Every line in the records below that holds the word "dxfattribs" is to be copied.

(Extracted data entries)
※ ※ ※
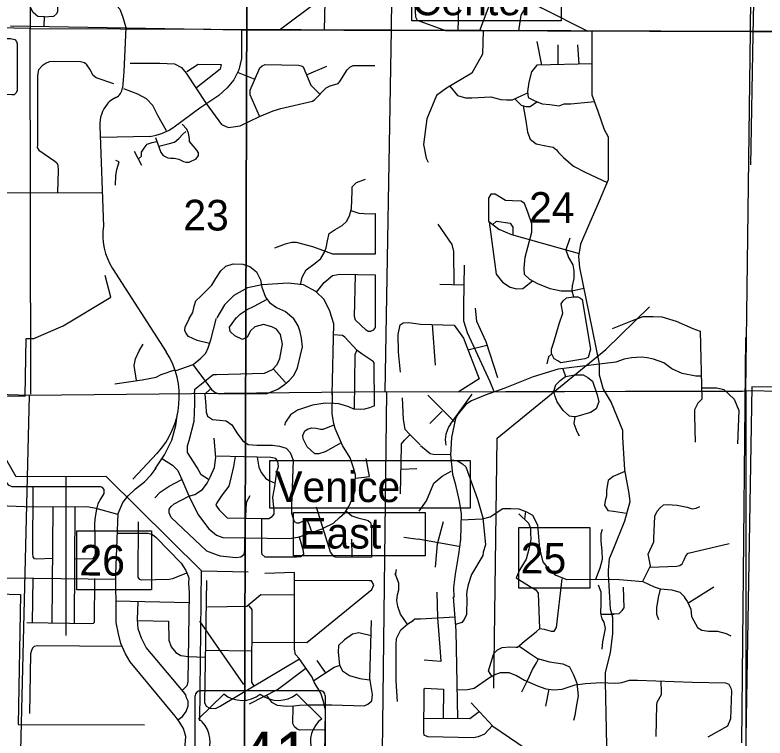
# Model space of a CAD drawing. Extents: x 408847 to 817539, y 923858 to 1151780.
# Drawn here: x 530799 to 541827, y 987614 to 998249 of the extents above; entities that cross this region are included whole.
import ezdxf

# ---------------------------------------------------------------- set-up
doc = ezdxf.new("R2010")
doc.units = 0
for name, color, linetype in [('Cities Incorporated Linear Boundaries', 7, 'Continuous'), ('Level 11', 7, 'Continuous'), ('Level 12', 7, 'Continuous'), ('Level 39', 7, 'Continuous'), ('Level 43', 7, 'Continuous'), ('Local Roads Paved', 7, 'Continuous'), ('Masks for Text', 7, 'Continuous'), ('Narrow River Creek and Branch and Slough', 7, 'Continuous'), ('Quad Borders', 7, 'Continuous'), ('Roadshields US Highways', 7, 'Continuous'), ('Section Lines', 7, 'Continuous'), ('Township  and Range lines', 7, 'Continuous')]:
    doc.layers.add(name, color=color, linetype=linetype)

msp = doc.modelspace()

# ---------------------------------------------------------------- linework, layer by layer
at = {"layer": 'Cities Incorporated Linear Boundaries'}
msp.add_lwpolyline([(552194, 992701), (541635, 992780), (541268, 971566), (562554, 971098)], dxfattribs=at)
at = {"layer": 'Level 12'}
for p, q in [((541485, 987543), (541543, 993503)), ((531546, 991458), (531546, 989123)), ((533539, 990073), (534225, 990058)), ((533510, 989333), (534157, 988400))]:
    msp.add_line(p, q, dxfattribs=at)
at = {"layer": 'Level 39'}
msp.add_lwpolyline([(536636, 998801), (538830, 998801), (538830, 998165), (536636, 998165)], close=True, dxfattribs=at)
at = {"layer": 'Local Roads Paved'}
for p, q in [((530734, 998088), (534140, 998031)), ((532429, 998065), (532401, 997414)), ((534140, 998031), (541624, 998004)), ((534140, 998031), (541624, 998004)), ((541646, 997958), (541612, 996043)), ((541624, 998004), (546853, 997946)), ((541624, 998004), (546853, 997946)), ((538471, 997857), (538542, 997511)), ((538780, 997808), (538780, 997517)), ((539069, 997808), (539088, 997525)), ((535084, 997367), (535384, 997496)), ((532401, 997414), (532380, 997179)), ((534079, 997404), (534325, 997304)), ((532282, 997036), (532221, 996999)), ((533518, 996878), (533137, 996599)), ((532044, 996613), (532099, 995145)), ((532781, 996462), (532061, 996448)), ((532549, 996246), (532661, 996041)), ((532234, 994520), (533022, 993296)), ((537047, 994290), (537398, 994280)), ((536933, 993697), (536977, 993099)), ((537458, 993324), (537737, 993394)), ((534596, 993042), (534776, 992842)), ((537779, 992857), (537842, 992703)), ((536867, 992658), (537266, 992259)), ((537201, 992230), (537519, 992670)), ((536897, 992242), (537082, 992422)), ((532886, 991801), (532533, 991420)), ((536707, 991573), (536475, 991562)), ((531346, 989304), (531360, 991005)), ((531674, 989308), (531683, 991010)), ((538305, 990952), (538289, 990832)), ((535747, 990540), (535751, 990286)), ((536515, 990566), (536727, 990541)), ((537323, 990431), (536727, 990541)), ((536394, 990011), (536406, 990090)), ((531055, 989308), (531064, 989966)), ((540709, 989607), (541074, 989837)), ((532277, 989630), (533358, 989609)), ((539419, 989434), (539609, 989434)), ((533604, 988908), (534277, 988895)), ((535364, 988579), (535243, 988754)), ((538606, 988083), (538655, 988332))]:
    msp.add_line(p, q, dxfattribs=at)
for points in [[(541675, 1003403), (541714, 1003114), (541733, 1002998), (541695, 1002767), (541695, 1002709), (541724, 1002574), (541743, 1002459), (541646, 997958)], [(535351, 998027), (535364, 998661), (535326, 999020), (535243, 999329), (535113, 999621), (534942, 999842), (534826, 1000030), (534792, 1000188), (534821, 1000380), (534884, 1000511)], [(534687, 998029), (537585, 1000204), (537749, 1000242), (537999, 1000242), (538125, 1000233), (538153, 1000204), (538163, 1000117), (538163, 999809), (538125, 999693), (538009, 999462), (537980, 999307), (537980, 998951), (537631, 998018)], [(537315, 998016), (537335, 998691), (537383, 999076), (537585, 999703), (537624, 999866), (537566, 1000021), (537450, 1000146), (537364, 1000185), (537209, 1000223), (537055, 1000223), (536728, 1000165)], [(531228, 998089), (531235, 998222), (531136, 998227), (531068, 998285), (531021, 998368), (531026, 998686), (531053, 998769), (531089, 998821), (531053, 998941), (531032, 999046), (531026, 999108), (531053, 999145), (531271, 999134), (531402, 999072), (531579, 999145), (531860, 999140), (531860, 998806), (531423, 998801), (531423, 998300), (531407, 998264), (531365, 998227), (531225, 998217)], [(536665, 998640), (536690, 998223), (536711, 998173), (537130, 998020)], [(532265, 998419), (532340, 998336), (532378, 998231), (532428, 998065)], [(538207, 998016), (538240, 998248), (538327, 998383), (538394, 998422), (538423, 998422), (538539, 998354), (539222, 998013)], [(534129, 998032), (534129, 997608), (534092, 997442), (534017, 997296), (533916, 997175), (533796, 997066), (533518, 996878)], [(537682, 998018), (537672, 997673), (537518, 997394), (537142, 997172), (536997, 997066), (536853, 996719), (536805, 996343), (536843, 996141), (536872, 996083)], [(539281, 998012), (539281, 997074), (539371, 996833), (539462, 996563), (539522, 996457), (539522, 996367), (539522, 996066), (539522, 995826), (539386, 995510), (539236, 995164), (539116, 994879), (539086, 994698), (539101, 994533), (539386, 993120), (539386, 992954), (539447, 992744), (539567, 992548), (539732, 992143), (539732, 992037), (539762, 991556), (539822, 991210), (539837, 991090), (539762, 990804), (539597, 990399), (539537, 990248), (539522, 990083), (539522, 990023), (539552, 989512), (539582, 989391), (539582, 989151), (539552, 988865), (539477, 988579), (539477, 988444), (539501, 987261)], [(530371, 997902), (530731, 997902), (530795, 997886), (530819, 997858), (530831, 997826), (530831, 997155), (530831, 997131), (530811, 997099), (530787, 997074), (530751, 997074), (530424, 997083), (530359, 997083)], [(532254, 997234), (531991, 997323), (531950, 997359), (531897, 997453), (531857, 997515), (531821, 997546), (531763, 997560), (531317, 997564), (531259, 997542), (531196, 997502), (531143, 997444), (531129, 997359), (531129, 996341), (531125, 996301), (531147, 996261), (531384, 996100), (531415, 996073), (531428, 996042), (531433, 995962), (531424, 995636)], [(532490, 997538), (532928, 997538), (533145, 997529), (533245, 997475), (533316, 997392), (533612, 996949)], [(533324, 997417), (533491, 997525), (533829, 997521), (533816, 997450), (533466, 997175)], [(534112, 996620), (534392, 996757), (534596, 996837), (534709, 996874), (535172, 996979), (535209, 997008), (535376, 997179), (535435, 997208), (535551, 997241), (535576, 997271), (535685, 997442), (535722, 997479), (535772, 997508), (536089, 997508)], [(534392, 996762), (534258, 997075), (534258, 997112), (534258, 997145), (534400, 997471), (534434, 997500), (534475, 997521), (534967, 997513), (535005, 997500), (535034, 997488), (535151, 997216), (535276, 997091)], [(539281, 997530), (538471, 997510), (538394, 997413), (538356, 997259), (538336, 997124), (538346, 997037), (538433, 996989), (538548, 996941), (538664, 996931), (538799, 996912), (538876, 996941), (538972, 996941), (539318, 996977)], [(533024, 996544), (532899, 996770), (532824, 996920), (532732, 997016), (532603, 997083), (532398, 997162)], [(537193, 997202), (537306, 997066), (537421, 997028), (537518, 997028), (537797, 997047), (537942, 997008), (538028, 996999), (538115, 996999), (538250, 997066), (538339, 997104)], [(533612, 996949), (533833, 996640), (533937, 996595), (534112, 996620)], [(538147, 997015), (538240, 996922), (538308, 996902), (538375, 996902), (538473, 996972)], [(538273, 996912), (538308, 996690), (538336, 996526), (538375, 996420), (538462, 996353), (538606, 996324), (538712, 996305), (538760, 996266), (538789, 996228), (538866, 996151), (539011, 996025), (539184, 995939), (539504, 995785)], [(532866, 996446), (532941, 996225), (532978, 996183), (533045, 996150), (533087, 996141), (533137, 996141), (533208, 996129), (533274, 996095), (533312, 996083), (533358, 996083), (533462, 996133), (533499, 996183), (533499, 996221), (533470, 996262), (533366, 996388), (533366, 996429), (533349, 996509), (533324, 996567), (533258, 996642)], [(532916, 996317), (533053, 996354), (533145, 996379), (533208, 996433), (533266, 996496), (533312, 996534)], [(532615, 996133), (532657, 996171), (532661, 996229), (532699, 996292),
※ ※ ※
§ FINAL ANSWER
msp.add_lwpolyline([(552194, 992701), (541635, 992780), (541268, 971566), (562554, 971098)], dxfattribs=at)
    msp.add_line(p, q, dxfattribs=at)
msp.add_lwpolyline([(536636, 998801), (538830, 998801), (538830, 998165), (536636, 998165)], close=True, dxfattribs=at)
    msp.add_line(p, q, dxfattribs=at)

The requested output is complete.